- Opening Delimiter -

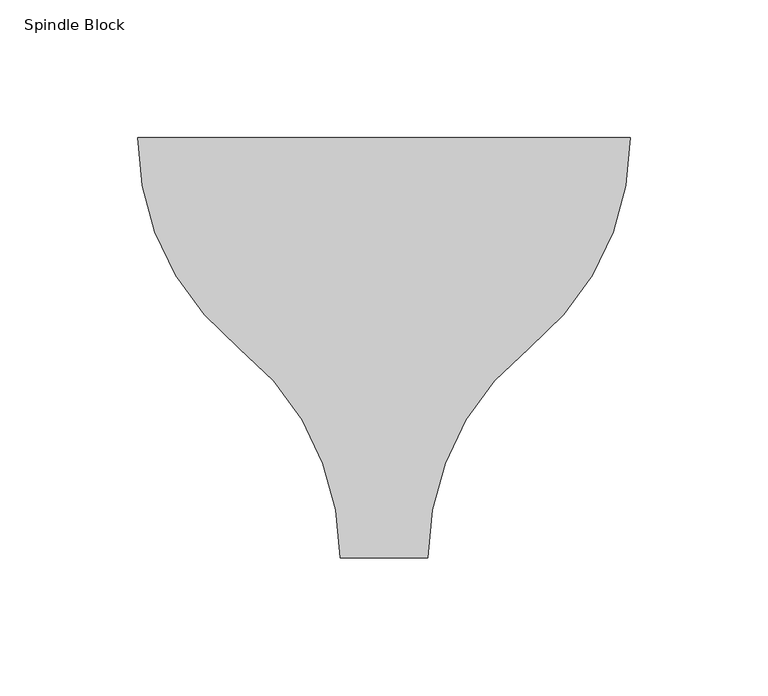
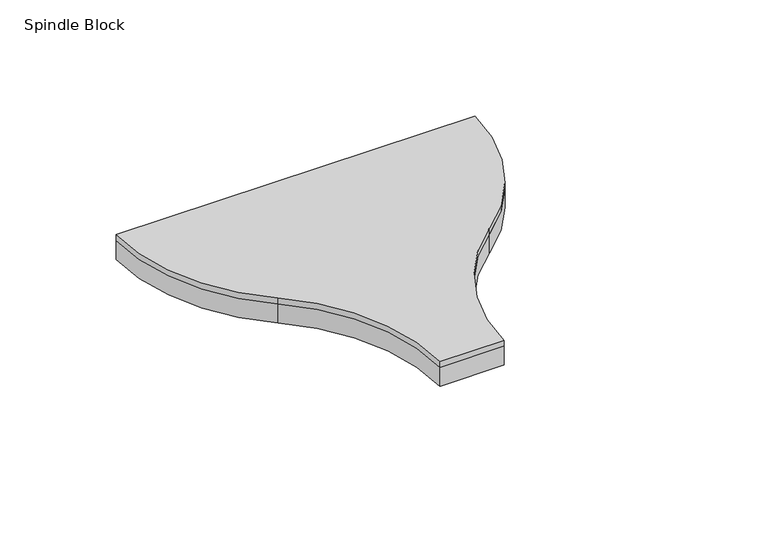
"""IFC4 building model written with IfcOpenShell, lengths in millimetres: proxy geometry, FilzFelt_Spindle_Block : Spindle Block."""

from ifc_helpers import new_model, si_unit, point, frame, frame_2d, origin, origin_with_axes, place, context, project, spatial, polyline, circle_curve, trimmed, segment, composite_curve, outline, extrude, source, transform, mapped, element, save


def spindle_block_caec9fa1(model_context):
    return source(origin(), model_context, "Body", "SweptSolid", [
        extrude(outline(composite_curve([segment(trimmed(circle_curve(frame_2d((-8.2776003, 0.0)), 97.5776355), [point((89.3000352, 0.0))], [point((52.6102676, -76.25))], False, "CARTESIAN"), True, "CONTINUOUS"), segment(trimmed(circle_curve(frame_2d((113.4981354, -152.5)), 97.5776355), [point((52.6102676, -76.25))], [point((15.9204999, -152.5))], True, "CARTESIAN"), True, "CONTINUOUS"), segment(polyline([(15.9204999, -152.5), (-15.9204999, -152.5)]), True, "CONTINUOUS"), segment(trimmed(circle_curve(frame_2d((-113.4981354, -152.5)), 97.5776355), [point((-15.9204999, -152.5))], [point((-52.6102676, -76.25))], True, "CARTESIAN"), True, "CONTINUOUS"), segment(trimmed(circle_curve(frame_2d((8.2776003, 0.0)), 97.5776355), [point((-52.6102676, -76.25))], [point((-89.3000352, 0.0))], False, "CARTESIAN"), True, "CONTINUOUS"), segment(polyline([(-89.3000352, 0.0), (89.3000352, 0.0)]), True, "CONTINUOUS")], self_intersect=False)), frame((0.0, 0.0, 10.0210937), z_axis=(0.0, 0.0, 1.0), x_axis=(1.0, 0.0, 0.0)), (0.0, 0.0, 1.0), 2.9765625),
        extrude(outline(composite_curve([segment(trimmed(circle_curve(frame_2d((-8.2776003, 0.0)), 97.5776355), [point((89.3000352, 0.0))], [point((52.6102676, -76.25))], False, "CARTESIAN"), True, "CONTINUOUS"), segment(trimmed(circle_curve(frame_2d((113.4981354, -152.5)), 97.5776355), [point((52.6102676, -76.25))], [point((15.9204999, -152.5))], True, "CARTESIAN"), True, "CONTINUOUS"), segment(polyline([(15.9204999, -152.5), (-15.9204999, -152.5)]), True, "CONTINUOUS"), segment(trimmed(circle_curve(frame_2d((-113.4981354, -152.5)), 97.5776355), [point((-15.9204999, -152.5))], [point((-52.6102676, -76.25))], True, "CARTESIAN"), True, "CONTINUOUS"), segment(trimmed(circle_curve(frame_2d((8.2776003, 0.0)), 97.5776355), [point((-52.6102676, -76.25))], [point((-89.3000352, 0.0))], False, "CARTESIAN"), True, "CONTINUOUS"), segment(polyline([(-89.3000352, 0.0), (89.3000352, 0.0)]), True, "CONTINUOUS")], self_intersect=False)), origin_with_axes(), (0.0, 0.0, 1.0), 10.0210938),
    ])


if __name__ == "__main__":
    model = new_model("IFC4")
    model_context = context("Model", 3, world=origin())
    ifc_project = project(units=[si_unit("LENGTHUNIT", "METRE", prefix="MILLI")], contexts=[model_context])
    site = spatial("IfcSite", under=ifc_project)
    building = spatial("IfcBuilding", under=site)
    placement = place(None, origin())
    spindle_block_shape = spindle_block_caec9fa1(model_context)
    element("IfcBuildingElementProxy", 1, Name="FilzFelt_Spindle_Block : Spindle Block", ObjectType="FilzFelt_Spindle_Block : Spindle Block", at=placement, inside=building, context=model_context, shape_type="MappedRepresentation", body=[
        mapped(spindle_block_shape, transform((0.0, 0.0, 0.0), x_axis=(1.0, 0.0, 0.0), y_axis=(0.0, 1.0, 0.0), z_axis=(0.0, 0.0, 1.0))),
    ])
    save(model, "model.ifc")

- Closing Delimiter -

> **Task**
Leave the pictures out, and print every line of the listing exactly as written.

> **Completed exercise**
"""IFC4 building model written with IfcOpenShell, lengths in millimetres: proxy geometry, FilzFelt_Spindle_Block : Spindle Block."""

from ifc_helpers import new_model, si_unit, point, frame, frame_2d, origin, origin_with_axes, place, context, project, spatial, polyline, circle_curve, trimmed, segment, composite_curve, outline, extrude, source, transform, mapped, element, save


def spindle_block_caec9fa1(model_context):
    return source(origin(), model_context, "Body", "SweptSolid", [
        extrude(outline(composite_curve([segment(trimmed(circle_curve(frame_2d((-8.2776003, 0.0)), 97.5776355), [point((89.3000352, 0.0))], [point((52.6102676, -76.25))], False, "CARTESIAN"), True, "CONTINUOUS"), segment(trimmed(circle_curve(frame_2d((113.4981354, -152.5)), 97.5776355), [point((52.6102676, -76.25))], [point((15.9204999, -152.5))], True, "CARTESIAN"), True, "CONTINUOUS"), segment(polyline([(15.9204999, -152.5), (-15.9204999, -152.5)]), True, "CONTINUOUS"), segment(trimmed(circle_curve(frame_2d((-113.4981354, -152.5)), 97.5776355), [point((-15.9204999, -152.5))], [point((-52.6102676, -76.25))], True, "CARTESIAN"), True, "CONTINUOUS"), segment(trimmed(circle_curve(frame_2d((8.2776003, 0.0)), 97.5776355), [point((-52.6102676, -76.25))], [point((-89.3000352, 0.0))], False, "CARTESIAN"), True, "CONTINUOUS"), segment(polyline([(-89.3000352, 0.0), (89.3000352, 0.0)]), True, "CONTINUOUS")], self_intersect=False)), frame((0.0, 0.0, 10.0210937), z_axis=(0.0, 0.0, 1.0), x_axis=(1.0, 0.0, 0.0)), (0.0, 0.0, 1.0), 2.9765625),
        extrude(outline(composite_curve([segment(trimmed(circle_curve(frame_2d((-8.2776003, 0.0)), 97.5776355), [point((89.3000352, 0.0))], [point((52.6102676, -76.25))], False, "CARTESIAN"), True, "CONTINUOUS"), segment(trimmed(circle_curve(frame_2d((113.4981354, -152.5)), 97.5776355), [point((52.6102676, -76.25))], [point((15.9204999, -152.5))], True, "CARTESIAN"), True, "CONTINUOUS"), segment(polyline([(15.9204999, -152.5), (-15.9204999, -152.5)]), True, "CONTINUOUS"), segment(trimmed(circle_curve(frame_2d((-113.4981354, -152.5)), 97.5776355), [point((-15.9204999, -152.5))], [point((-52.6102676, -76.25))], True, "CARTESIAN"), True, "CONTINUOUS"), segment(trimmed(circle_curve(frame_2d((8.2776003, 0.0)), 97.5776355), [point((-52.6102676, -76.25))], [point((-89.3000352, 0.0))], False, "CARTESIAN"), True, "CONTINUOUS"), segment(polyline([(-89.3000352, 0.0), (89.3000352, 0.0)]), True, "CONTINUOUS")], self_intersect=False)), origin_with_axes(), (0.0, 0.0, 1.0), 10.0210938),
    ])


if __name__ == "__main__":
    model = new_model("IFC4")
    model_context = context("Model", 3, world=origin())
    ifc_project = project(units=[si_unit("LENGTHUNIT", "METRE", prefix="MILLI")], contexts=[model_context])
    site = spatial("IfcSite", under=ifc_project)
    building = spatial("IfcBuilding", under=site)
    placement = place(None, origin())
    spindle_block_shape = spindle_block_caec9fa1(model_context)
    element("IfcBuildingElementProxy", 1, Name="FilzFelt_Spindle_Block : Spindle Block", ObjectType="FilzFelt_Spindle_Block : Spindle Block", at=placement, inside=building, context=model_context, shape_type="MappedRepresentation", body=[
        mapped(spindle_block_shape, transform((0.0, 0.0, 0.0), x_axis=(1.0, 0.0, 0.0), y_axis=(0.0, 1.0, 0.0), z_axis=(0.0, 0.0, 1.0))),
    ])
    save(model, "model.ifc")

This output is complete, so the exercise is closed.